Diastolic blood pressure: The lowest level of pressure in the aorta that occurs when the heart is “in between” beats. It ranges between 70-80 mm Hg in healthy adults. Blood pressure is usually read as systolic/diastolic.

Estrogen: The general term for the female sex hormone responsible for developing and maintaining female secondary sex characteristics. Estrogen is a key component of women’s monthly menstrual cycles.

Heart attack (myocardial infarction): A sudden closure or blockage of one or more blood vessels to the heart, cutting off the oxygen supply and causing damage to part of the heart. The term specifically refers to death of heart muscle cells, which is usually due to the blockage of a coronary artery.

Heart rate (HR): The number of beats (contractions) of the heart per minute

High-density lipoprotein (HDL): A lipoprotein rich in phospholipids and cholesterol that transports cholesterol to the liver to be broken down. The empty protein “envelope” is then released by the liver into the bloodstream where it can pick up cholesterol from cells and pull away cholesterol from arterial walls.

High density lipoprotein (HDL) cholesterol: A good type of cholesterol that helps the body “scrub” bad types of cholesterol out of blood vessels. High levels of HDL cholesterol are thought to protect the heart because the transported cholesterol is destined for degradation (break-down).

High blood pressure (hypertension): When the pressure, or tension, that blood exerts on walls of the blood vessels as it travels around the body is higher than normal, straining blood vessel walls.

Hormones: Chemical substances formed in one part of the body that are carried in the blood to another part of the body before they act.

Hypercholesterolemia: Abnormally high levels of cholesterol in the blood, commonly referred to as high cholesterol. It is a major risk factor for cardiovascular disease.

Lipids: Substances extracted from animal or vegetable cells; includes fatty acids, glycerides, cholesterol, and “fat-soluble” vitamins A, D, and E, among others.

Low-density lipoprotein (LDL): A “package” that transports cholesterol in the blood to the rest of the body, where it is used in making cell membranes and hormones.

Low density lipoprotein (LDL) cholesterol: A “bad” type of cholesterol that tends to deposit in the artery wall and narrow or block the artery. High levels contribute to atherosclerosis, which clogs arteries and causes heart attacks and strokes.

Maximum heart rate: The fastest your heart can beat, estimated by subtracting your age in years from 220.

Metabolism: The chemical changes in living cells that provide energy for vital processes and activities. Through these chemical changes, new material is incorporated into those living cells.

Monounsaturated fats: Fats found in plant oils such as olive, canola, and peanut oil that are liquid at room temperature but harden in the refrigerator.

Nicotine: A toxic chemical found in cigarette smoke.

Plaques: When used in regard to atherosclerosis, this term describes the yellow and swollen areas of the inner layer of arteries that are thickened by the deposition of fatty substances (lipids and cholesterol) and fibrous tissue.

Polyunsaturated fats: Fats found in plant oils such as safflower, sunflower, corn, and soybean oil that remain liquid even at colder temperatures.

Postmenopausal: After menopause, or the permanent cessation of menstrual periods in women.
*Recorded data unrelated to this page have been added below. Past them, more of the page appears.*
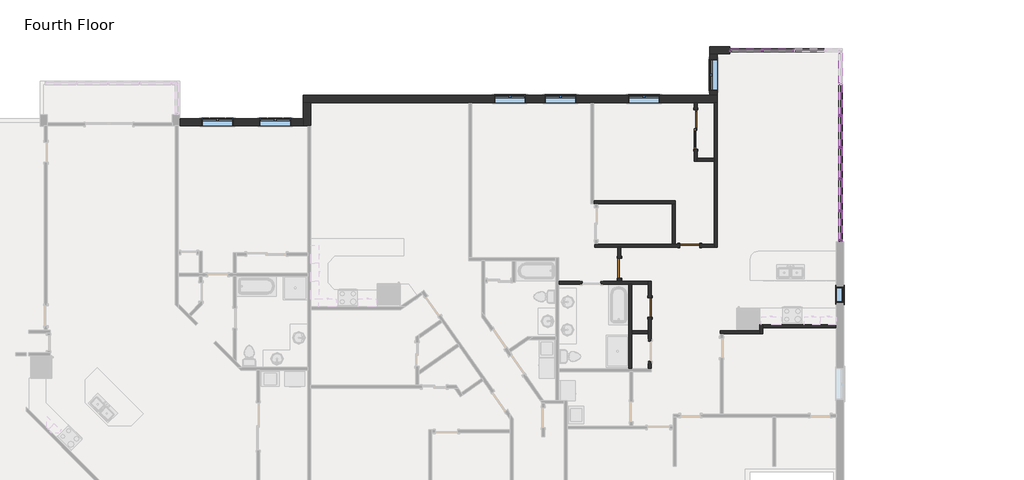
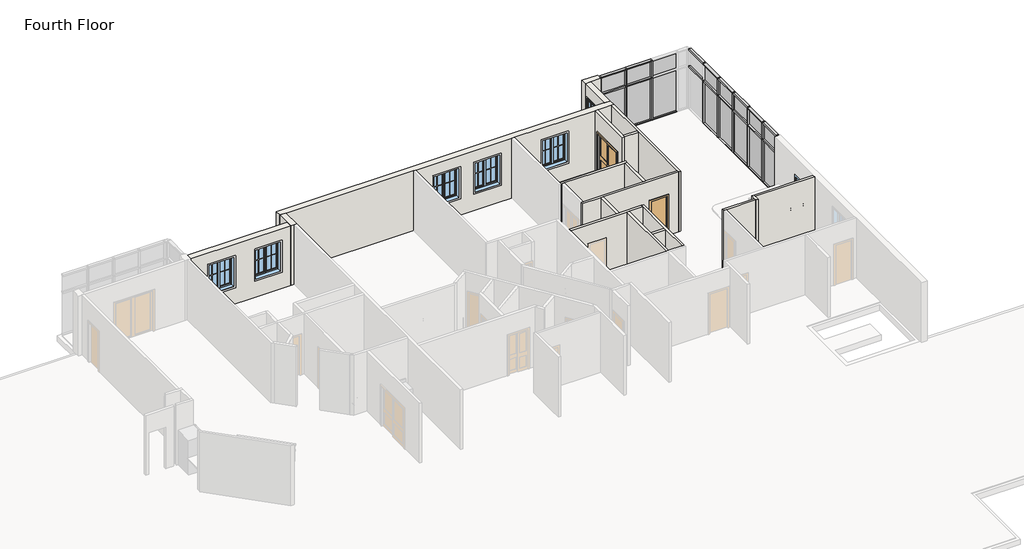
# One storey, part 12 of 17: 41 members, 19 walls, 16 plates, 7 windows, 4 doors.
"""IFC4 building model written with IfcOpenShell, lengths in millimetres."""

from ifc_helpers import new_model, si_unit, frame, origin, place, context, project, spatial, polyline, outline, extrude, faceted_brep, transform, mapped, element, save
from components import door_f2b275c1, door_2e7ec8be, rectangular_mullion_rectangular_mullion_1_fa3625a1, rectangular_mullion_rectangular_mullion_1_a50b3cda, rectangular_mullion_rectangular_mullion_1_5cd4c5ac, rectangular_mullion_rectangular_mullion_1_7cbf0b94, rectangular_mullion_rectangular_mullion_1_6186cc23, rectangular_mullion_rectangular_mullion_1_049a2e78, rectangular_mullion_rectangular_mullion_1_fcad50a8, rectangular_mullion_rectangular_mullion_1_aa096312, system_panel_glazed_53e6f9fb, system_panel_glazed_cb820e14, system_panel_glazed_f20beefc, system_panel_glazed_097fd36c, window_b85827b5, window_33528cc2

model = new_model("IFC4")

# Units and contexts
model_context = context("Model", 3, world=origin())
ifc_project = project(units=[si_unit("LENGTHUNIT", "METRE", prefix="MILLI")], contexts=[model_context])

# Site, building, storey
site = spatial("IfcSite", under=ifc_project)
building = spatial("IfcBuilding", under=site)
storey = spatial("IfcBuildingStorey", under=building, Name="Fourth Floor", Elevation=9144.0)

# Doors
placement = place(None, origin())
door_shape = door_f2b275c1(model_context)
element("IfcDoor", 1, ObjectType="Single-Flush : 30\" x 80\"", at=placement, inside=storey, context=model_context, shape_type="MappedRepresentation", body=[
    mapped(door_shape, transform((49850.4788879, 9096.855328, 9144.0), x_axis=(0.0, 1.0, 0.0), y_axis=(-1.0, 0.0, 0.0), z_axis=(0.0, 0.0, 1.0))),
])
element("IfcDoor", 2, ObjectType="Single-Flush : 30\" x 80\"", at=placement, inside=storey, context=model_context, shape_type="MappedRepresentation", body=[
    mapped(door_shape, transform((51382.3746633, 11479.9245559, 9144.0), x_axis=(-1.0, 0.0, 0.0), y_axis=(0.0, -1.0, 0.0), z_axis=(0.0, 0.0, 1.0))),
])
element("IfcDoor", 3, ObjectType="Single-Flush : 30\" x 80\"", at=placement, inside=storey, context=model_context, shape_type="MappedRepresentation", body=[
    mapped(door_shape, transform((48681.6260153, 10610.1456327, 9144.0), x_axis=(0.0, -1.0, 0.0), y_axis=(1.0, 0.0, 0.0), z_axis=(0.0, 0.0, 1.0))),
])
door_2_shape = door_2e7ec8be(model_context)
element("IfcDoor", 4, ObjectType="Sliding-Closet : 60\" x 80\"", at=placement, inside=storey, context=model_context, shape_type="MappedRepresentation", body=[
    mapped(door_2_shape, transform((51741.9440158, 15942.0032713, 9144.0), x_axis=(0.0, 1.0, 0.0), y_axis=(-1.0, 0.0, 0.0), z_axis=(0.0, 0.0, 1.0))),
])

# Members
rectangular_mullion_rectangular_mullion_1_shape = rectangular_mullion_rectangular_mullion_1_fa3625a1(model_context)
element("IfcMember", 5, ObjectType="Rectangular Mullion : Rectangular Mullion 1", at=placement, inside=storey, context=model_context, shape_type="MappedRepresentation", body=[
    mapped(rectangular_mullion_rectangular_mullion_1_shape, transform((54133.5034233, 18983.9169819, 12192.0), x_axis=(0.0, 0.0, 1.0), y_axis=(0.0, -1.0, 0.0), z_axis=(1.0, 0.0, 0.0))),
])
element("IfcMember", 6, ObjectType="Rectangular Mullion : Rectangular Mullion 1", at=placement, inside=storey, context=model_context, shape_type="MappedRepresentation", body=[
    mapped(rectangular_mullion_rectangular_mullion_1_shape, transform((55352.7034233, 18983.9169819, 12192.0), x_axis=(0.0, 0.0, 1.0), y_axis=(0.0, -1.0, 0.0), z_axis=(1.0, 0.0, 0.0))),
])
element("IfcMember", 7, ObjectType="Rectangular Mullion : Rectangular Mullion 1", at=placement, inside=storey, context=model_context, shape_type="MappedRepresentation", body=[
    mapped(rectangular_mullion_rectangular_mullion_1_shape, transform((57175.1534229, 17720.2669816, 12192.0), x_axis=(0.0, 0.0, 1.0), y_axis=(-1.0, 0.0, 0.0), z_axis=(0.0, -1.0, 0.0))),
])
element("IfcMember", 8, ObjectType="Rectangular Mullion : Rectangular Mullion 1", at=placement, inside=storey, context=model_context, shape_type="MappedRepresentation", body=[
    mapped(rectangular_mullion_rectangular_mullion_1_shape, transform((57175.1534229, 16501.0669816, 12192.0), x_axis=(0.0, 0.0, 1.0), y_axis=(-1.0, 0.0, 0.0), z_axis=(0.0, -1.0, 0.0))),
])
element("IfcMember", 9, ObjectType="Rectangular Mullion : Rectangular Mullion 1", at=placement, inside=storey, context=model_context, shape_type="MappedRepresentation", body=[
    mapped(rectangular_mullion_rectangular_mullion_1_shape, transform((57175.1534229, 15281.8669816, 12192.0), x_axis=(0.0, 0.0, 1.0), y_axis=(-1.0, 0.0, 0.0), z_axis=(0.0, -1.0, 0.0))),
])
element("IfcMember", 10, ObjectType="Rectangular Mullion : Rectangular Mullion 1", at=placement, inside=storey, context=model_context, shape_type="MappedRepresentation", body=[
    mapped(rectangular_mullion_rectangular_mullion_1_shape, transform((57175.1534229, 14062.6669816, 12192.0), x_axis=(0.0, 0.0, 1.0), y_axis=(-1.0, 0.0, 0.0), z_axis=(0.0, -1.0, 0.0))),
])
element("IfcMember", 11, ObjectType="Rectangular Mullion : Rectangular Mullion 1", at=placement, inside=storey, context=model_context, shape_type="MappedRepresentation", body=[
    mapped(rectangular_mullion_rectangular_mullion_1_shape, transform((57175.1534229, 12843.4669816, 12192.0), x_axis=(0.0, 0.0, 1.0), y_axis=(-1.0, 0.0, 0.0), z_axis=(0.0, -1.0, 0.0))),
])
element("IfcMember", 12, ObjectType="Rectangular Mullion : Rectangular Mullion 1", at=placement, inside=storey, context=model_context, shape_type="MappedRepresentation", body=[
    mapped(rectangular_mullion_rectangular_mullion_1_shape, transform((52977.8034229, 18983.9169819, 9144.0), x_axis=(0.0, 0.0, -1.0), y_axis=(0.0, -1.0, 0.0), z_axis=(-1.0, 0.0, 0.0))),
])
element("IfcMember", 13, ObjectType="Rectangular Mullion : Rectangular Mullion 1", at=placement, inside=storey, context=model_context, shape_type="MappedRepresentation", body=[
    mapped(rectangular_mullion_rectangular_mullion_1_shape, transform((54197.0034233, 18983.9169819, 9144.0), x_axis=(0.0, 0.0, -1.0), y_axis=(0.0, -1.0, 0.0), z_axis=(-1.0, 0.0, 0.0))),
])
element("IfcMember", 14, ObjectType="Rectangular Mullion : Rectangular Mullion 1", at=placement, inside=storey, context=model_context, shape_type="MappedRepresentation", body=[
    mapped(rectangular_mullion_rectangular_mullion_1_shape, transform((55416.2034233, 18983.9169819, 9144.0), x_axis=(0.0, 0.0, -1.0), y_axis=(0.0, -1.0, 0.0), z_axis=(-1.0, 0.0, 0.0))),
])
element("IfcMember", 15, ObjectType="Rectangular Mullion : Rectangular Mullion 1", at=placement, inside=storey, context=model_context, shape_type="MappedRepresentation", body=[
    mapped(rectangular_mullion_rectangular_mullion_1_shape, transform((57175.1534229, 17656.7669816, 9144.0), x_axis=(0.0, 0.0, -1.0), y_axis=(-1.0, 0.0, 0.0), z_axis=(0.0, 1.0, 0.0))),
])
element("IfcMember", 16, ObjectType="Rectangular Mullion : Rectangular Mullion 1", at=placement, inside=storey, context=model_context, shape_type="MappedRepresentation", body=[
    mapped(rectangular_mullion_rectangular_mullion_1_shape, transform((57175.1534229, 16437.5669816, 9144.0), x_axis=(0.0, 0.0, -1.0), y_axis=(-1.0, 0.0, 0.0), z_axis=(0.0, 1.0, 0.0))),
])
element("IfcMember", 17, ObjectType="Rectangular Mullion : Rectangular Mullion 1", at=placement, inside=storey, context=model_context, shape_type="MappedRepresentation", body=[
    mapped(rectangular_mullion_rectangular_mullion_1_shape, transform((57175.1534229, 15218.3669816, 9144.0), x_axis=(0.0, 0.0, -1.0), y_axis=(-1.0, 0.0, 0.0), z_axis=(0.0, 1.0, 0.0))),
])
element("IfcMember", 18, ObjectType="Rectangular Mullion : Rectangular Mullion 1", at=placement, inside=storey, context=model_context, shape_type="MappedRepresentation", body=[
    mapped(rectangular_mullion_rectangular_mullion_1_shape, transform((57175.1534229, 13999.1669816, 9144.0), x_axis=(0.0, 0.0, -1.0), y_axis=(-1.0, 0.0, 0.0), z_axis=(0.0, 1.0, 0.0))),
])
rectangular_mullion_rectangular_mullion_1_2_shape = rectangular_mullion_rectangular_mullion_1_a50b3cda(model_context)
element("IfcMember", 19, ObjectType="Rectangular Mullion : Rectangular Mullion 1", at=placement, inside=storey, context=model_context, shape_type="MappedRepresentation", body=[
    mapped(rectangular_mullion_rectangular_mullion_1_2_shape, transform((57175.1534229, 11632.2044819, 9144.0), x_axis=(0.0, -1.0, 0.0), y_axis=(-1.0, 0.0, 0.0), z_axis=(0.0, 0.0, -1.0))),
])
rectangular_mullion_rectangular_mullion_1_3_shape = rectangular_mullion_rectangular_mullion_1_5cd4c5ac(model_context)
element("IfcMember", 20, ObjectType="Rectangular Mullion : Rectangular Mullion 1", at=placement, inside=storey, context=model_context, shape_type="MappedRepresentation", body=[
    mapped(rectangular_mullion_rectangular_mullion_1_3_shape, transform((57175.1534229, 11632.2044819, 11309.35), x_axis=(0.0, -1.0, 0.0), y_axis=(-1.0, 0.0, 0.0), z_axis=(0.0, 0.0, -1.0))),
])
element("IfcMember", 21, ObjectType="Rectangular Mullion : Rectangular Mullion 1", at=placement, inside=storey, context=model_context, shape_type="MappedRepresentation", body=[
    mapped(rectangular_mullion_rectangular_mullion_1_3_shape, transform((52914.3034229, 18983.9169819, 12192.0), x_axis=(-1.0, 0.0, 0.0), y_axis=(0.0, -1.0, 0.0), z_axis=(0.0, 0.0, 1.0))),
])
element("IfcMember", 22, ObjectType="Rectangular Mullion : Rectangular Mullion 1", at=placement, inside=storey, context=model_context, shape_type="MappedRepresentation", body=[
    mapped(rectangular_mullion_rectangular_mullion_1_2_shape, transform((52914.3034229, 18983.9169819, 11309.35), x_axis=(-1.0, 0.0, 0.0), y_axis=(0.0, -1.0, 0.0), z_axis=(0.0, 0.0, 1.0))),
])
rectangular_mullion_rectangular_mullion_1_4_shape = rectangular_mullion_rectangular_mullion_1_7cbf0b94(model_context)
element("IfcMember", 23, ObjectType="Rectangular Mullion : Rectangular Mullion 1", at=placement, inside=storey, context=model_context, shape_type="MappedRepresentation", body=[
    mapped(rectangular_mullion_rectangular_mullion_1_4_shape, transform((54133.5034233, 18983.9169819, 11309.35), x_axis=(0.0, 0.0, 1.0), y_axis=(0.0, -1.0, 0.0), z_axis=(1.0, 0.0, 0.0))),
])
element("IfcMember", 24, ObjectType="Rectangular Mullion : Rectangular Mullion 1", at=placement, inside=storey, context=model_context, shape_type="MappedRepresentation", body=[
    mapped(rectangular_mullion_rectangular_mullion_1_4_shape, transform((55352.7034233, 18983.9169819, 11309.35), x_axis=(0.0, 0.0, 1.0), y_axis=(0.0, -1.0, 0.0), z_axis=(1.0, 0.0, 0.0))),
])
element("IfcMember", 25, ObjectType="Rectangular Mullion : Rectangular Mullion 1", at=placement, inside=storey, context=model_context, shape_type="MappedRepresentation", body=[
    mapped(rectangular_mullion_rectangular_mullion_1_4_shape, transform((57175.1534229, 17720.2669816, 11309.35), x_axis=(0.0, 0.0, 1.0), y_axis=(-1.0, 0.0, 0.0), z_axis=(0.0, -1.0, 0.0))),
])
element("IfcMember", 26, ObjectType="Rectangular Mullion : Rectangular Mullion 1", at=placement, inside=storey, context=model_context, shape_type="MappedRepresentation", body=[
    mapped(rectangular_mullion_rectangular_mullion_1_4_shape, transform((57175.1534229, 16501.0669816, 11309.35), x_axis=(0.0, 0.0, 1.0), y_axis=(-1.0, 0.0, 0.0), z_axis=(0.0, -1.0, 0.0))),
])
element("IfcMember", 27, ObjectType="Rectangular Mullion : Rectangular Mullion 1", at=placement, inside=storey, context=model_context, shape_type="MappedRepresentation", body=[
    mapped(rectangular_mullion_rectangular_mullion_1_4_shape, transform((57175.1534229, 15281.8669816, 11309.35), x_axis=(0.0, 0.0, 1.0), y_axis=(-1.0, 0.0, 0.0), z_axis=(0.0, -1.0, 0.0))),
])
element("IfcMember", 28, ObjectType="Rectangular Mullion : Rectangular Mullion 1", at=placement, inside=storey, context=model_context, shape_type="MappedRepresentation", body=[
    mapped(rectangular_mullion_rectangular_mullion_1_4_shape, transform((57175.1534229, 14062.6669816, 11309.35), x_axis=(0.0, 0.0, 1.0), y_axis=(-1.0, 0.0, 0.0), z_axis=(0.0, -1.0, 0.0))),
])
element("IfcMember", 29, ObjectType="Rectangular Mullion : Rectangular Mullion 1", at=placement, inside=storey, context=model_context, shape_type="MappedRepresentation", body=[
    mapped(rectangular_mullion_rectangular_mullion_1_4_shape, transform((57175.1534229, 12843.4669816, 11309.35), x_axis=(0.0, 0.0, 1.0), y_axis=(-1.0, 0.0, 0.0), z_axis=(0.0, -1.0, 0.0))),
])
rectangular_mullion_rectangular_mullion_1_5_shape = rectangular_mullion_rectangular_mullion_1_6186cc23(model_context)
element("IfcMember", 30, ObjectType="Rectangular Mullion : Rectangular Mullion 1", at=placement, inside=storey, context=model_context, shape_type="MappedRepresentation", body=[
    mapped(rectangular_mullion_rectangular_mullion_1_5_shape, transform((54165.2534233, 18983.9169819, 9144.0), x_axis=(1.0, 0.0, 0.0), y_axis=(0.0, -1.0, 0.0), z_axis=(0.0, 0.0, -1.0))),
])
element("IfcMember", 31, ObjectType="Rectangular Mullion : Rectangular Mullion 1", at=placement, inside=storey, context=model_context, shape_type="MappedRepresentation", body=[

Saturated fats: A fatty acid found in animal foods, hydrogenated vegetable oils, and some dairy products.

Soluble Fiber: The type of fiber that can help reduce blood cholesterol levels. Foods such as oat bran, dried beans, and some fruits are high in soluble fiber.

Systolic blood pressure: The peak (highest) pressure that occurs in the aorta when the heart contracts. It averages about 120 mm Hg in healthy adults. Blood pressure is usually read as systolic/diastolic.

Triglycerides: Another type of blood fat that can also block blood vessels and lead to coronary heart disease.

Very low-density lipoproteins (VLDL): A “package” that transports cholesterol and triglycerides in the blood to the rest of the body.

Very low-density lipoprotein (VLDL) cholesterol: A “bad” type of cholesterol that tends to deposit in the artery wall and narrow or block the artery. VLDL also contains triglycerides. High levels contribute to atherosclerosis, which clogs arteries and causes heart attacks and strokes.